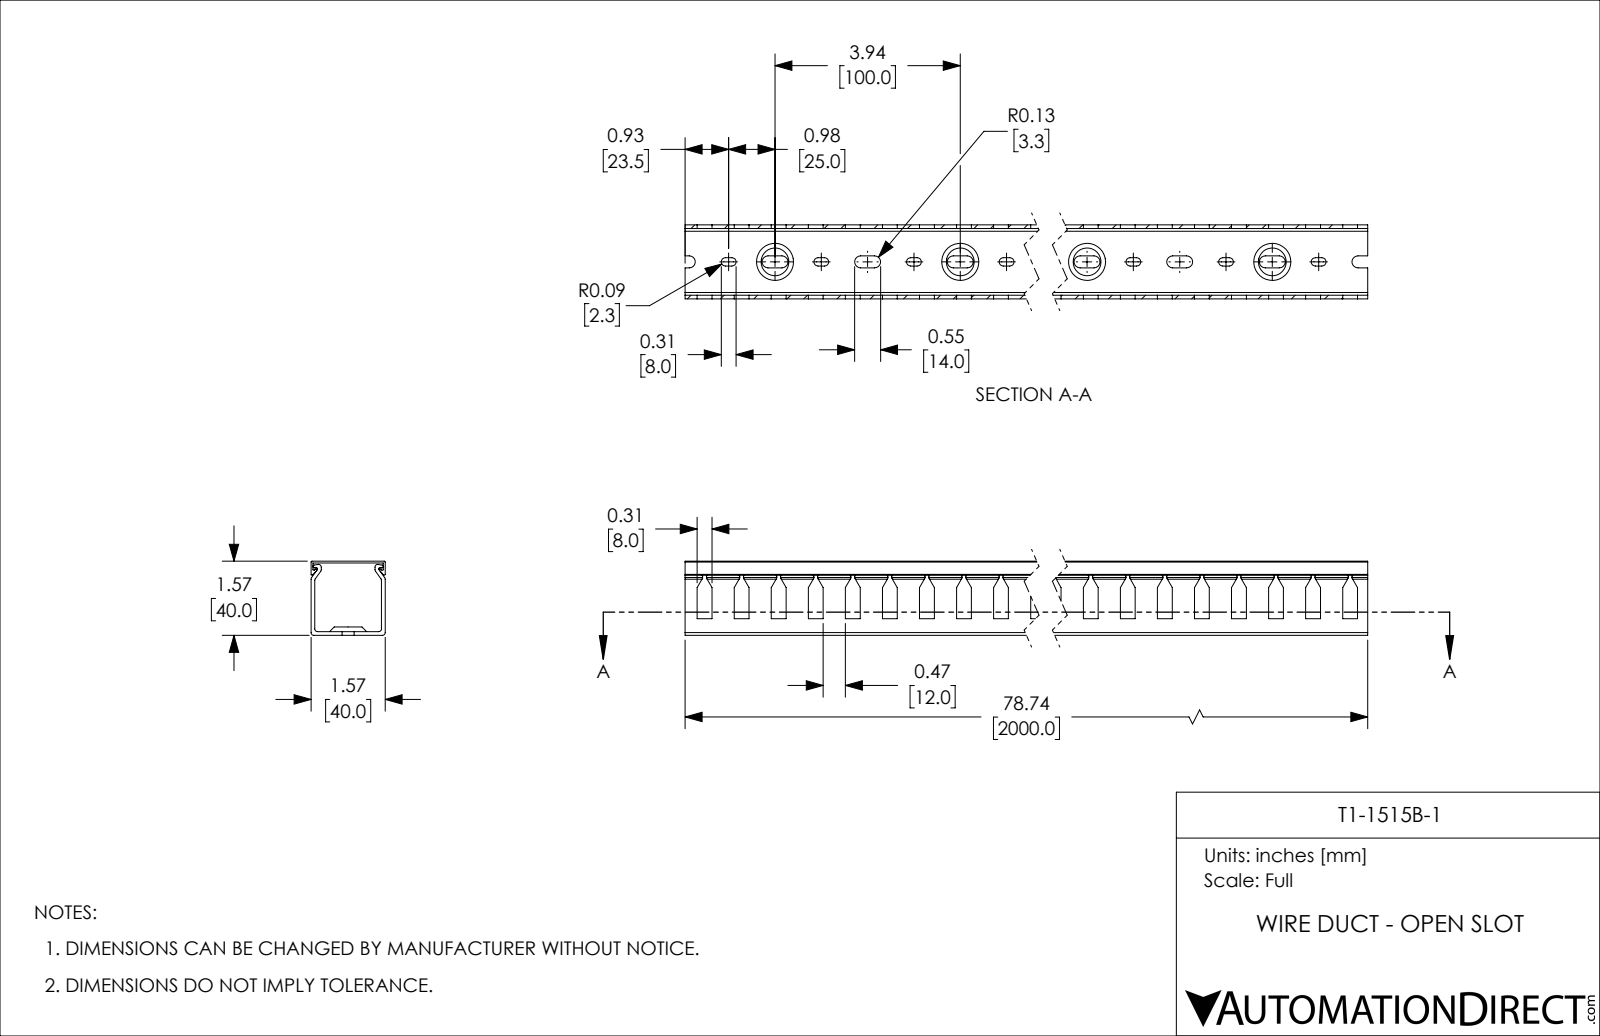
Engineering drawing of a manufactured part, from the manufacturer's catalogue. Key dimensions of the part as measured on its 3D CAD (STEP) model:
Part name (STEP PRODUCT): T1-1515B-1
STEP written by: SolidWorks 2021 (CONFIG_CONTROL_DESIGN)
Units: millimetres
Bodies: 2 solids, 1005 faces (534 planar, 431 cylindrical, 40 other)
Overall size (bounding box): 2000 × 40 × 40
Volume: 581 112 mm³ · Surface area: 696 182 mm²
Partial cylindrical surfaces — rounded edges, fillets, slot ends (radius × count): R2.25 ×80, R3.25 ×80, R1.5 ×12, R0.5 ×8, R0.75 ×6
Main face-to-face distances: 2, 38, 40, 1, 39, 37, 36, 4.5, 34.5, 5.5
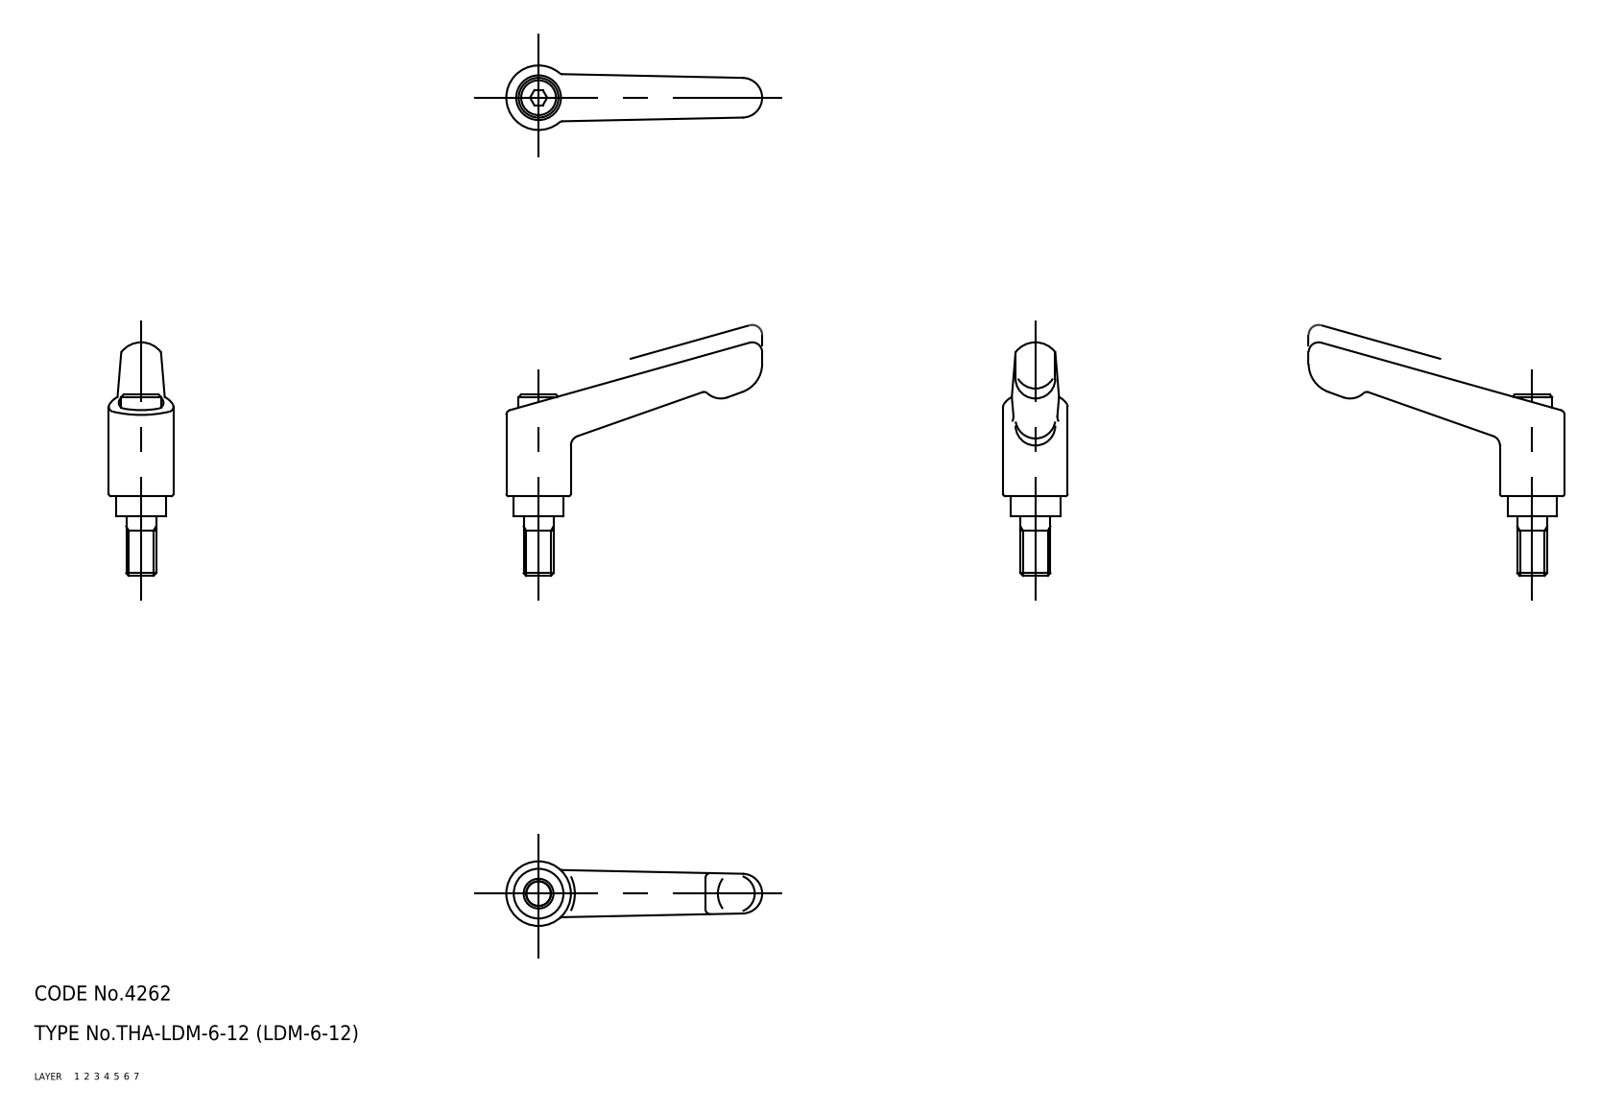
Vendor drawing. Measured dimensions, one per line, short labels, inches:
name: sleeve; screw; handle; LDM_6_12_13002_36
written by: CADfix (AUTOMOTIVE_DESIGN)
unit: in
bodies: 3 solids, 70 faces (0 planar, 0 cylindrical, 70 other)
size: 2.028 × 1.85 × 0.512
volume: 0.334 in³; area: 5.799 in²
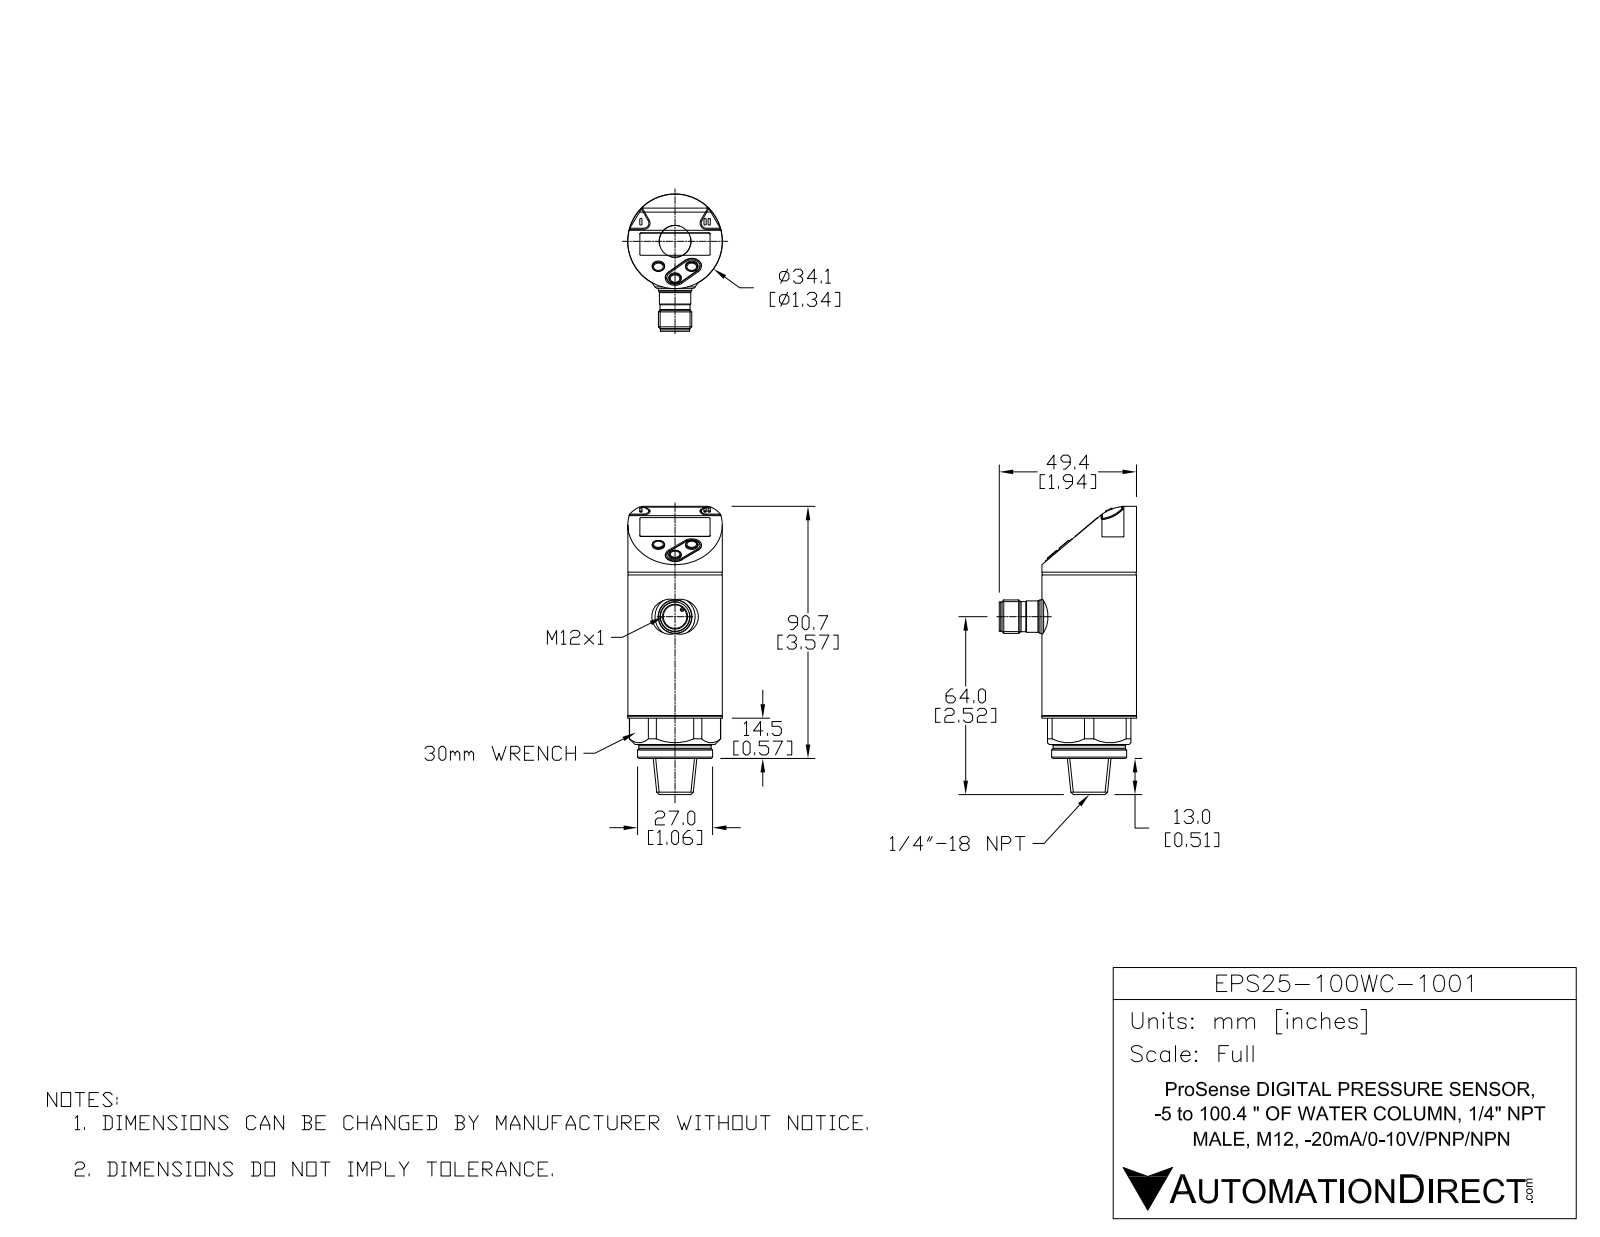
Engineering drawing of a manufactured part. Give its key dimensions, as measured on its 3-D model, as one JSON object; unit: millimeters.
::::
Exercise directions: Give the records again exactly, pictures left out.

Written answer:
Engineering drawing of a manufactured part, from the manufacturer's catalogue. Key dimensions of the part as measured on its 3D CAD (STEP) model:
Part name (STEP PRODUCT): T1-1515B-1
STEP written by: SolidWorks 2021 (CONFIG_CONTROL_DESIGN)
Units: millimetres
Bodies: 2 solids, 1005 faces (534 planar, 431 cylindrical, 40 other)
Overall size (bounding box): 2000 × 40 × 40
Volume: 581 112 mm³ · Surface area: 696 182 mm²
Partial cylindrical surfaces — rounded edges, fillets, slot ends (radius × count): R2.25 ×80, R3.25 ×80, R1.5 ×12, R0.5 ×8, R0.75 ×6
Main face-to-face distances: 2, 38, 40, 1, 39, 37, 36, 4.5, 34.5, 5.5
Vendor drawing. Measured dimensions, one per line, short labels, inches:
name: sleeve; screw; handle; LDM_6_12_13002_36
written by: CADfix (AUTOMOTIVE_DESIGN)
unit: in
bodies: 3 solids, 70 faces (0 planar, 0 cylindrical, 70 other)
size: 2.028 × 1.85 × 0.512
volume: 0.334 in³; area: 5.799 in²
Engineering drawing of a manufactured part. Give its key dimensions, as measured on its 3-D model, as one JSON object; unit: millimeters.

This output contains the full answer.